**The problem:** Extract all lines that hold "millimetres" from the records below.

**Material supplied:**
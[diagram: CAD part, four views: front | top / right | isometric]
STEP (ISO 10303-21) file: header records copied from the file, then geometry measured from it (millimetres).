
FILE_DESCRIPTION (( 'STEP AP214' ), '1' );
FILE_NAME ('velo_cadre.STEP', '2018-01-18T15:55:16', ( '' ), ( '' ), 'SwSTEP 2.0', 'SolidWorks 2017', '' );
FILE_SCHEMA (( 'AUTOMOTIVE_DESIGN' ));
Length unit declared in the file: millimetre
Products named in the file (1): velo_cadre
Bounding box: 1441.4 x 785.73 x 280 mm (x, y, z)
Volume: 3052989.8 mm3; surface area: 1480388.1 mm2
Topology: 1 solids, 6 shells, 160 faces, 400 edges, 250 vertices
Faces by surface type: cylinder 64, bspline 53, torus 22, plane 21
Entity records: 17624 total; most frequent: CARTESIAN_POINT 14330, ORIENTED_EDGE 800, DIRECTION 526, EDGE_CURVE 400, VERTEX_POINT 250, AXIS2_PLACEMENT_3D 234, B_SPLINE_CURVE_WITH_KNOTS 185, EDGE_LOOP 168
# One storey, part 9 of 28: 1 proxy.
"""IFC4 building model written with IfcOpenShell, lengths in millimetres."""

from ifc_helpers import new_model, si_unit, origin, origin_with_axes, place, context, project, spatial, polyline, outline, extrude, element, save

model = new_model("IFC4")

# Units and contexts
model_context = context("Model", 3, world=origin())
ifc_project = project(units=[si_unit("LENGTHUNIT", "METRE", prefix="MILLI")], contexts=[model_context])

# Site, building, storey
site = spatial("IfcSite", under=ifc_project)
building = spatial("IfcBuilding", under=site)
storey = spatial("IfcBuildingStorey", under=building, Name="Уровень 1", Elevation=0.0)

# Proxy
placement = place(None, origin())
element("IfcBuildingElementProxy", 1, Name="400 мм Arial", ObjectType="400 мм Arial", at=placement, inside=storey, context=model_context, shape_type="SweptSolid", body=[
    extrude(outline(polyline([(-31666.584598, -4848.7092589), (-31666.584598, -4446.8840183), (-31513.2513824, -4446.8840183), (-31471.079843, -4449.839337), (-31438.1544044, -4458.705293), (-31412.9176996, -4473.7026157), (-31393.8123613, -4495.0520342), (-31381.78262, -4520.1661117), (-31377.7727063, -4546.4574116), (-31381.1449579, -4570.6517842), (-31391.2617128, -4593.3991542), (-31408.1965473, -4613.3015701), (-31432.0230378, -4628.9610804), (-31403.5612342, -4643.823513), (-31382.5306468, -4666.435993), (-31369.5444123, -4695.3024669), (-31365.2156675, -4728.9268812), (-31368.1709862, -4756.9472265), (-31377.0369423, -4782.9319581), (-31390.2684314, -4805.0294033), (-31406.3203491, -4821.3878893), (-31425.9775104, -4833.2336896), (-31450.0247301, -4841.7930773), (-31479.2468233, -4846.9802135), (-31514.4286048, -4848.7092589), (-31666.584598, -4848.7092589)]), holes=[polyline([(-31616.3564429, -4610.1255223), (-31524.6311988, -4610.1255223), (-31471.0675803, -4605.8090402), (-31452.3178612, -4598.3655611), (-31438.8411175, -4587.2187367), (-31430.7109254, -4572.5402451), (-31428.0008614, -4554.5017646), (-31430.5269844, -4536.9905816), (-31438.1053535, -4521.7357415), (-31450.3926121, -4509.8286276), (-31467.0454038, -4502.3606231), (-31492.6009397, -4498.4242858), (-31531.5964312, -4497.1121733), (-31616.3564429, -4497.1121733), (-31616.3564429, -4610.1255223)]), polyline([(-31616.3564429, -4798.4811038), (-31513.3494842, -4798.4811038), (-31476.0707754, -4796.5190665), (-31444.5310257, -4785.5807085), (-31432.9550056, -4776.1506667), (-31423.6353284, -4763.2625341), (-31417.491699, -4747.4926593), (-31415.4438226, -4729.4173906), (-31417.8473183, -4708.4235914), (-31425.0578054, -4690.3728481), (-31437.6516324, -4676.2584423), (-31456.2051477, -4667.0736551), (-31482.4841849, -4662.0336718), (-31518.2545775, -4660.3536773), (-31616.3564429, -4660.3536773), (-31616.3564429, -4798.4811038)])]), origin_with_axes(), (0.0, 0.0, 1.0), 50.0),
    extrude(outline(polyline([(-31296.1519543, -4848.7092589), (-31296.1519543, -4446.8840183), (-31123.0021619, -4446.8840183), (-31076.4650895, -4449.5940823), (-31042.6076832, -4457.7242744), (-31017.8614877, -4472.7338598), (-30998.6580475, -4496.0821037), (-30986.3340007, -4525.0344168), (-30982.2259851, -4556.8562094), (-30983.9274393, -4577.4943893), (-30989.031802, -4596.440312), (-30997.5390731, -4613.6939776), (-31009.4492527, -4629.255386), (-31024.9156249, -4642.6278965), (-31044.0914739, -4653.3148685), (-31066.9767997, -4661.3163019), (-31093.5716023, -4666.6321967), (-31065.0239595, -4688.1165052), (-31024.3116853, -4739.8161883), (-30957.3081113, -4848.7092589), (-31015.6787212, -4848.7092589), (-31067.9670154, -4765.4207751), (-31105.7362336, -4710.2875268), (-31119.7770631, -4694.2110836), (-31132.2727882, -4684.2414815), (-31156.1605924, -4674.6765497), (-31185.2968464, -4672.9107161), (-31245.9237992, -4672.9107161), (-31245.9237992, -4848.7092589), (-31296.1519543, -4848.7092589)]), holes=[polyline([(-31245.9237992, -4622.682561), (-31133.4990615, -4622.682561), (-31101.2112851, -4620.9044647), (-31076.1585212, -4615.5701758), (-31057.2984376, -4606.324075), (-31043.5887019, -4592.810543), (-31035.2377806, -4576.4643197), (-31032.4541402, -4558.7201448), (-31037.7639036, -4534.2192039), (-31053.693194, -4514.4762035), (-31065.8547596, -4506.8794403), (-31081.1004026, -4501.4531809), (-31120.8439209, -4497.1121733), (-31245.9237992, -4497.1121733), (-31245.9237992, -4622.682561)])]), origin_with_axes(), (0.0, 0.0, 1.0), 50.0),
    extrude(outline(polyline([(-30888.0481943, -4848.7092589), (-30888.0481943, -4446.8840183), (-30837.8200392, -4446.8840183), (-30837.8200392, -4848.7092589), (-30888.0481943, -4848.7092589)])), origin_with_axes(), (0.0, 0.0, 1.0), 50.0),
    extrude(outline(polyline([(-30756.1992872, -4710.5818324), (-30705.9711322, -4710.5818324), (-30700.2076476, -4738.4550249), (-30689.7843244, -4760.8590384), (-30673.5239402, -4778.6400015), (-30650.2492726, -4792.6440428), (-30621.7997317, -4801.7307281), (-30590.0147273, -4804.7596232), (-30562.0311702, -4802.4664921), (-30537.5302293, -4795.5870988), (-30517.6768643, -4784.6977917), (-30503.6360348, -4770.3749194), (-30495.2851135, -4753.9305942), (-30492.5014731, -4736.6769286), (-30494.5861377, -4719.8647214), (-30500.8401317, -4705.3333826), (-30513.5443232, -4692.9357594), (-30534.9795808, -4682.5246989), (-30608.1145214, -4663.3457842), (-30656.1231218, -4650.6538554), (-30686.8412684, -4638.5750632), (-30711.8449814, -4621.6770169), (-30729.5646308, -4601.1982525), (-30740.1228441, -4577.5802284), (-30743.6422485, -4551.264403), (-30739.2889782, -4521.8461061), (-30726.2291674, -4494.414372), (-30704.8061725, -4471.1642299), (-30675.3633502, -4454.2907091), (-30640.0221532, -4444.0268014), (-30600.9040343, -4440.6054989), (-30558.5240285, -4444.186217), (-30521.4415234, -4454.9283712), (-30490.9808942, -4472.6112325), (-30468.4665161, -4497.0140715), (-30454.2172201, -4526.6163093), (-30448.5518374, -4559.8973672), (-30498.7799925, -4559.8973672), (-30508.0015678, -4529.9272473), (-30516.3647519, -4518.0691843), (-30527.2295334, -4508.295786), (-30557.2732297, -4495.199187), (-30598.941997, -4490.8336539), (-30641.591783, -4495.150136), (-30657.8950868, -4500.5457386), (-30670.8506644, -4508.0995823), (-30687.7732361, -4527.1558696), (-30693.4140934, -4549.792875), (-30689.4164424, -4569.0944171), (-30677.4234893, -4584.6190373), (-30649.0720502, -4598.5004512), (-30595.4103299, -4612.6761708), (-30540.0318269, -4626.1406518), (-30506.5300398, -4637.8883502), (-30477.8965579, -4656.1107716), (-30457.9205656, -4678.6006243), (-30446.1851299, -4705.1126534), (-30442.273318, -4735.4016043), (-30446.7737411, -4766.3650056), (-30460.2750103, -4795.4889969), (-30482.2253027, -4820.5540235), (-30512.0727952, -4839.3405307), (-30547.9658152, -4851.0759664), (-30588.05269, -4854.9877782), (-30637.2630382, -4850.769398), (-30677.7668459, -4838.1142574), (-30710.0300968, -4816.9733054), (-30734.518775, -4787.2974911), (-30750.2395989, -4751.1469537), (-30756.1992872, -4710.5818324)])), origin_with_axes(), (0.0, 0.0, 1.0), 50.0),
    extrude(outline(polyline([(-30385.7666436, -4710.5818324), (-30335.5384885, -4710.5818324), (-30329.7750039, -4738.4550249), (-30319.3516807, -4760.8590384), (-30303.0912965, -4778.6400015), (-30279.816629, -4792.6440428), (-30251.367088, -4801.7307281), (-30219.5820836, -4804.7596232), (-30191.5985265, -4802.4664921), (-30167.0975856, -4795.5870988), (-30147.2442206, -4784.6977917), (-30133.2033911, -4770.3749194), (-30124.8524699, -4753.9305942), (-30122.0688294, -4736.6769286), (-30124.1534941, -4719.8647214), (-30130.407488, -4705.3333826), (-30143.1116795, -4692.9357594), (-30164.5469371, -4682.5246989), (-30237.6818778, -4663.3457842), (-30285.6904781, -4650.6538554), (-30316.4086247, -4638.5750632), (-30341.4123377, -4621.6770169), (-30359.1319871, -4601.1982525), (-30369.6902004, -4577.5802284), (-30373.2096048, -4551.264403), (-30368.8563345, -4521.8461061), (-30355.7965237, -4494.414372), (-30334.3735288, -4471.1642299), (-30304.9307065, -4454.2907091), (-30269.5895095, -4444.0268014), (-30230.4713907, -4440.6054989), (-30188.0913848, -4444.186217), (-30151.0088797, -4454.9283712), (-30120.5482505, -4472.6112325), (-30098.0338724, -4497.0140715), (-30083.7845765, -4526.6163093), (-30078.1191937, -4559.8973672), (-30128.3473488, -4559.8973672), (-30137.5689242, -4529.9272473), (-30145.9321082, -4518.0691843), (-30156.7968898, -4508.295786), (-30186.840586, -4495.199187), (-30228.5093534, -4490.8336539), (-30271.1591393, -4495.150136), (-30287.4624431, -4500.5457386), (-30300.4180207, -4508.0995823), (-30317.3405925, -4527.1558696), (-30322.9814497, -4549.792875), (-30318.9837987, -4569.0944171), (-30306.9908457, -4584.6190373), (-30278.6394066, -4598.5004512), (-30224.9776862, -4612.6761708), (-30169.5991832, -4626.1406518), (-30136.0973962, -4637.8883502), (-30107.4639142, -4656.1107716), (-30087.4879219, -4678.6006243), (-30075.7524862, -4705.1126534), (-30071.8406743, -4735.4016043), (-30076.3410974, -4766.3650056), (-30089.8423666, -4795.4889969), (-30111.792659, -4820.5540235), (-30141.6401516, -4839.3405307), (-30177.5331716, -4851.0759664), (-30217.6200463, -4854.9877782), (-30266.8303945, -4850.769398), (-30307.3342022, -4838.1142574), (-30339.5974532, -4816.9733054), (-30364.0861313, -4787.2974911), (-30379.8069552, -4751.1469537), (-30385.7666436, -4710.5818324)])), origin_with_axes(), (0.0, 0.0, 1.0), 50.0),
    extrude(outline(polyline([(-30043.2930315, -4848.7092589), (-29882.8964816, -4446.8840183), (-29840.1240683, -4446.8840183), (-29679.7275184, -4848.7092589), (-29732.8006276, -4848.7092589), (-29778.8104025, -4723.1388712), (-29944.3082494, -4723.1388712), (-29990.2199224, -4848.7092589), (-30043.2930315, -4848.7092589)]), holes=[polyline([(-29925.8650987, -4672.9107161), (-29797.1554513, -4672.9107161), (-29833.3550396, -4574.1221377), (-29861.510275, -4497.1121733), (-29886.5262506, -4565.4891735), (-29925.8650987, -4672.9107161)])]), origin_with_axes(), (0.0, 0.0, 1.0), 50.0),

**Exercise solution:**
STEP (ISO 10303-21) file: header records copied from the file, then geometry measured from it (millimetres).
"""IFC4 building model written with IfcOpenShell, lengths in millimetres."""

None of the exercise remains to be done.